I'll circle back as to the "why" later.

This can be easily fixed from the command line.  As a reminder, to run FAST commands, you need to first CD to the $FAST/bin directory and run the setupenv.cmd file (or on UNIX variants you need to source the setupenv.sh)

Then enter the command:

indexeradmin resumedocapi

Our lab rats verified that this does work.

And as to "Why" this Happened:

We're guessing you never intentionally shut that process down.  Our clue is that you mentioned this was a development box.  I'm curious, have you been making many changes to your index profile?  That's the global schema file that ESP uses.  When developing applications you'll frequently decide you want to define additional search fields or adjust other settings.  We suspect that repeatedly uploading new index profiles would cycle various subsystems over and over, and subsequent reindexing can temporarily strain resources.  We suspect that as part of these normal operations the DocAPI subsystem was restarted in order to be reinitialized with the new schema, but that the second half of this process failed, it didn't start back up for some reason.

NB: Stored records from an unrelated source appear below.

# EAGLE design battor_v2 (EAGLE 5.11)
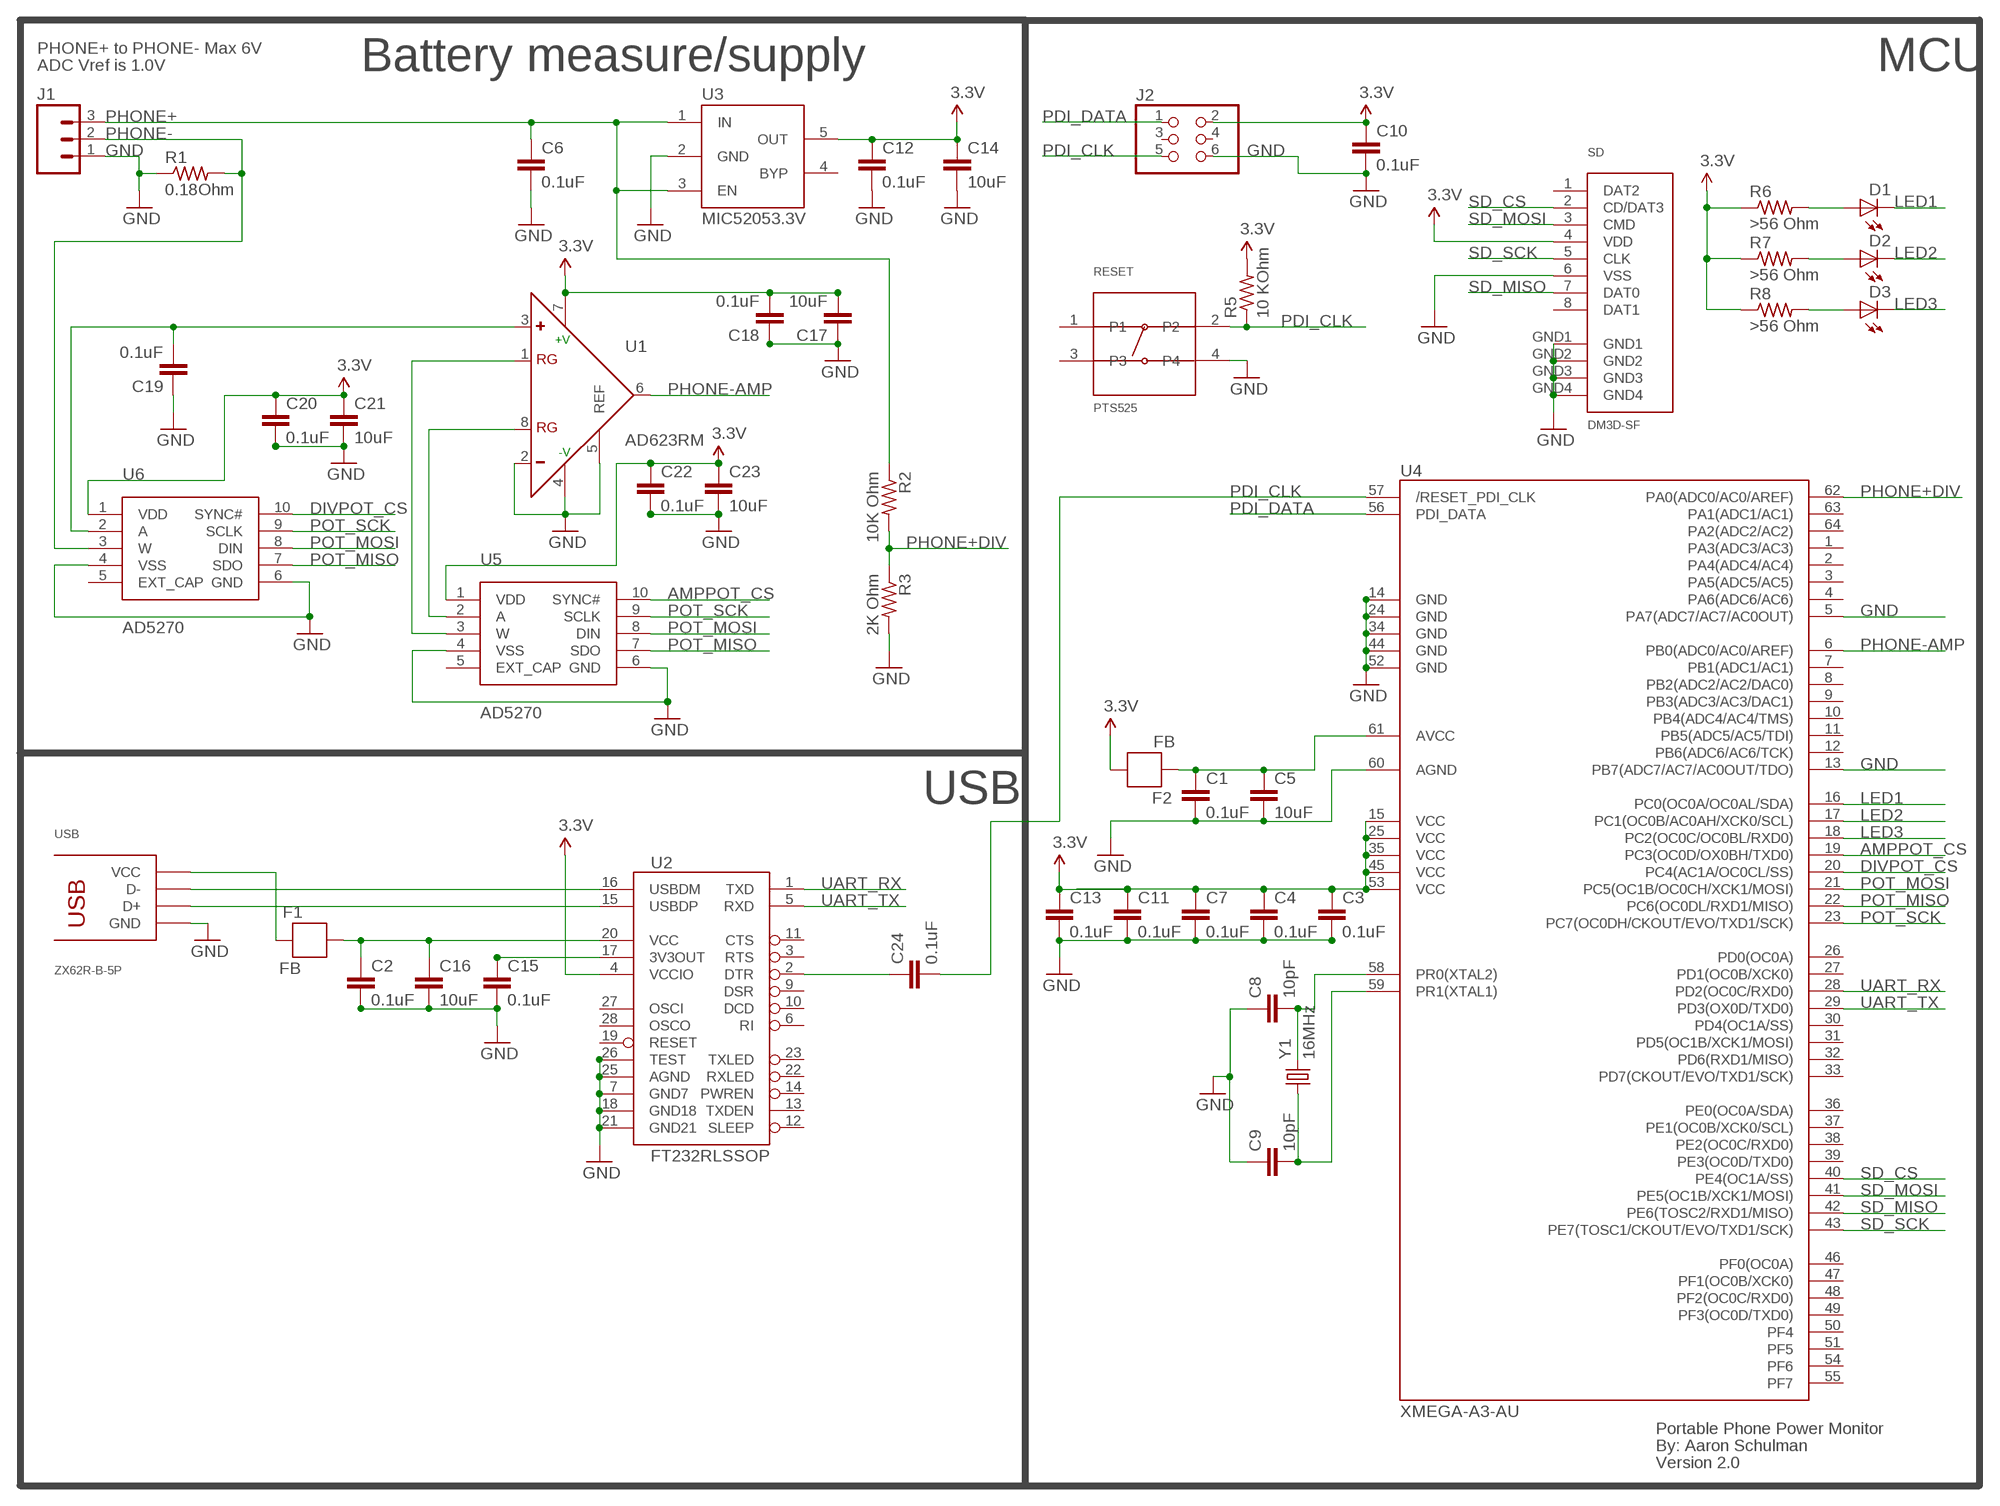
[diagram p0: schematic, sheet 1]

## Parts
C1  0.1uF  CAP0603-CAP  [0603-CAP]
C2  0.1uF  CAP0603-CAP  [0603-CAP]
C3  0.1uF  CAP0603-CAP  [0603-CAP]
C4  0.1uF  CAP0603-CAP  [0603-CAP]
C5  10uF  CAP0603-CAP  [0603-CAP]
C6  0.1uF  CAP0603-CAP  [0603-CAP]
C7  0.1uF  CAP0603-CAP  [0603-CAP]
C8  10pF  CAP0603-CAP  [0603-CAP]
C9  10pF  CAP0603-CAP  [0603-CAP]
C10  0.1uF  CAP0603-CAP  [0603-CAP]
C11  0.1uF  CAP0603-CAP  [0603-CAP]
C12  0.1uF  CAP0603-CAP  [0603-CAP]
C13  0.1uF  CAP0603-CAP  [0603-CAP]
C14  10uF  CAP0603-CAP  [0603-CAP]
C15  0.1uF  CAP0603-CAP  [0603-CAP]
C16  10uF  CAP0603-CAP  [0603-CAP]
C17  10uF  CAP0603-CAP  [0603-CAP]
C18  0.1uF  CAP0603-CAP  [0603-CAP]
C19  0.1uF  CAP0603-CAP  [0603-CAP]
C20  0.1uF  CAP0603-CAP  [0603-CAP]
C21  10uF  CAP0603-CAP  [0603-CAP]
C22  0.1uF  CAP0603-CAP  [0603-CAP]
C23  10uF  CAP0603-CAP  [0603-CAP]
C24  0.1uF  CAP0603-CAP  [0603-CAP]
D1  LED0603  [LED-0603]
D2  LED0603  [LED-0603]
D3  LED0603  [LED-0603]
F1  FB  [0603]
F2  FB  [0603]
J1  M03PTH  [1X03]
J2  PINHD-2X3  [2X03]
R1  0.18Ohm  R-US_R2512  [R2512]
R2  10K Ohm  R-US_R0603  [R0603]
R3  2K Ohm  R-US_R0603  [R0603]
R5  10 KOhm  R-US_R0603  [R0603]
R6  >56 Ohm  R-US_R0603  [R0603]
R7  >56 Ohm  R-US_R0603  [R0603]
R8  >56 Ohm  R-US_R0603  [R0603]
RESET  PTS525  [PT525]
SD  DM3D-SF  [DM3D-SF]
U1  AD623RM  [MSOP08]
U2  FT232RLSSOP  [SSOP28DB]
U3  MIC52053.3V  [SOT23-5]
U4  XMEGA-A3-AU  [TQFP64_14X14MM]
U5  AD5270  [MSOP10]
U6  AD5270  [MSOP10]
USB  ZX62R-B-5P  [ZX62R-B-5P]
Y1  16MHz  CRYSTAL5X3  [CRYSTAL-SMD-5X3]

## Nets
3.3V: C3.1 C4.1 C7.1 C10.1 C11.1 C12.1 C13.1 C14.1 C17.2 C18.2 C20.1 C21.1 C22.1 C23.1 F2.1 J2.2 R5.2 R6.1 R7.1 R8.1 SD.4(VDD) U1.7(+V) U2.4(VCCIO) U3.5(OUT) U4.15(VCC1) U4.25(VCC2) U4.35(VCC3) U4.45(VCC4) U4.53(VCC5) U5.1(VDD) U6.1(VDD)
AMPPOT_CS: U4.19(PC3(OC0D/OX0BH/TXD0)) U5.10(SYNC#)
DIVPOT_CS: U4.20(PC4(AC1A/OC0CL/SS)) U6.10(SYNC#)
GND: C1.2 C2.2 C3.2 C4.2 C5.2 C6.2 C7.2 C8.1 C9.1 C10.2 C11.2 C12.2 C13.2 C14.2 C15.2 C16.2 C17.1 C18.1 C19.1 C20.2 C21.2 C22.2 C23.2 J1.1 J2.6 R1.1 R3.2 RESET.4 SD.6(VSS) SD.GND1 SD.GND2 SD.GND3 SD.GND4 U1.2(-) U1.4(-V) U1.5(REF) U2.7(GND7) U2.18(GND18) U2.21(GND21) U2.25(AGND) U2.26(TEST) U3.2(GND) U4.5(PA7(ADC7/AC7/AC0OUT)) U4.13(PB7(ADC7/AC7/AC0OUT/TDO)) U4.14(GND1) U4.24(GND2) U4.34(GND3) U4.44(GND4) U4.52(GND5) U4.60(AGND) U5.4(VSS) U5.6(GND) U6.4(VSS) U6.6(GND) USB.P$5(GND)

The good news is that if this is the cause, then it's unlikely to happen in production, since index profiles are rarely updated in production.  We'd also suggest that you take a look at your dev box's hardware.  Does it have enough CPU and memory to comfortably hold all of the FAST components?  And do your developers have lots of other software running on it?  Again, in a production system, FAST subsystems are deployed onto multiple machines that have been specifically configured to run it.  Whereas on development systems there's a tendency to stuff the entire FAST system onto one box, along with 2 or 3 databases, some source code control systems, a GUI environment for the developer running Eclipse or Visual Studio, maybe some mp3's playing the background, etc.  If this happens again you might want to upgrade that developer's workstation, with at least a bit more memory, or maybe a more modern system – we doubt they'll object.

In Closing

Like all cutting edge technology products, ESP has many subsystems, and they can get out of sync once in a while. We have not seen this on a production system, and if our theory is correct, you shouldn't either. And the good news is the system was smart enough to explain what was happening, even though it didn't technically considere this to be an error. FAST has a pretty extensive logging facility, if you haven't had the chance to check out it. FAST ESP remains one of the two most scalable systems on the market today, although many upstarts will attempt to challenge that in the years to come.

We're also seeing a trend to "starve" development and testing servers; we've seen this at various client sites with multiple search vendors. We advise companies to not skimp too much on the non-production hardware; if saving $100 on RAM costs days of a developers' time, this is no bargain!